§ Task objective
All pictures are to be dropped, and everything else in the data duplicated exactly.

§ Given records
* * * * *

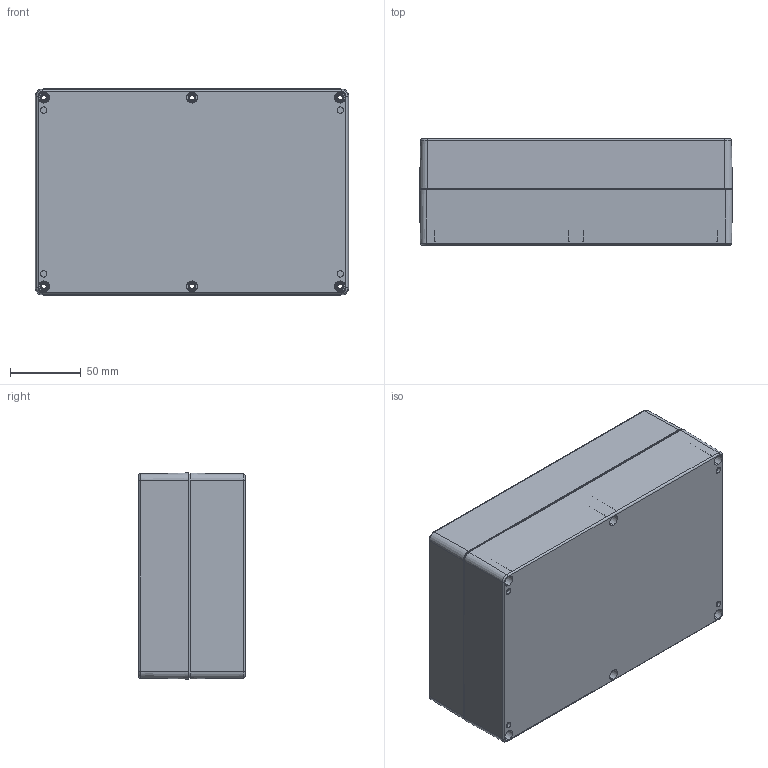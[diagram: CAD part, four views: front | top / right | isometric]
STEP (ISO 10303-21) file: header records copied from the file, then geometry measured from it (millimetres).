
FILE_DESCRIPTION (( 'STEP AP203' ), '1' );
FILE_NAME ('PE258.STEP', '2020-01-14T06:39:31', ( '' ), ( '' ), 'SwSTEP 2.0', 'SolidWorks 2020', '' );
FILE_SCHEMA (( 'CONFIG_CONTROL_DESIGN' ));
Length unit declared in the file: millimetre
Products named in the file (4): PE258
Assembly tree (3 placements, depth 2):
  PE258
    PE258
    PE258
    PE258
Bounding box: 221.97 x 75.2 x 146.1 mm (x, y, z)
Volume: 463669.7 mm3; surface area: 323076.6 mm2
Topology: 13 solids, 13 shells, 1727 faces, 4587 edges, 2970 vertices
Faces by surface type: bspline 590, cylinder 474, plane 378, cone 277, torus 8
Entity records: 60181 total; most frequent: CARTESIAN_POINT 20096, ORIENTED_EDGE 9126, DIRECTION 7179, EDGE_CURVE 4563, VERTEX_POINT 2970, AXIS2_PLACEMENT_3D 2615, VECTOR 1949, LINE 1949

* * * * *

§ Output of the task
[diagram: CAD part, four views: front | top / right | isometric]
STEP (ISO 10303-21) file: header records copied from the file, then geometry measured from it (millimetres).
FILE_DESCRIPTION (( 'STEP AP203' ), '1' );
FILE_NAME ('PE258.STEP', '2020-01-14T06:39:31', ( '' ), ( '' ), 'SwSTEP 2.0', 'SolidWorks 2020', '' );
FILE_SCHEMA (( 'CONFIG_CONTROL_DESIGN' ));
Length unit declared in the file: millimetre
Products named in the file (4): PE258
Assembly tree (3 placements, depth 2):
  PE258
    PE258
    PE258
    PE258
Bounding box: 221.97 x 75.2 x 146.1 mm (x, y, z)
Volume: 463669.7 mm3; surface area: 323076.6 mm2
Topology: 13 solids, 13 shells, 1727 faces, 4587 edges, 2970 vertices
Faces by surface type: bspline 590, cylinder 474, plane 378, cone 277, torus 8
Entity records: 60181 total; most frequent: CARTESIAN_POINT 20096, ORIENTED_EDGE 9126, DIRECTION 7179, EDGE_CURVE 4563, VERTEX_POINT 2970, AXIS2_PLACEMENT_3D 2615, VECTOR 1949, LINE 1949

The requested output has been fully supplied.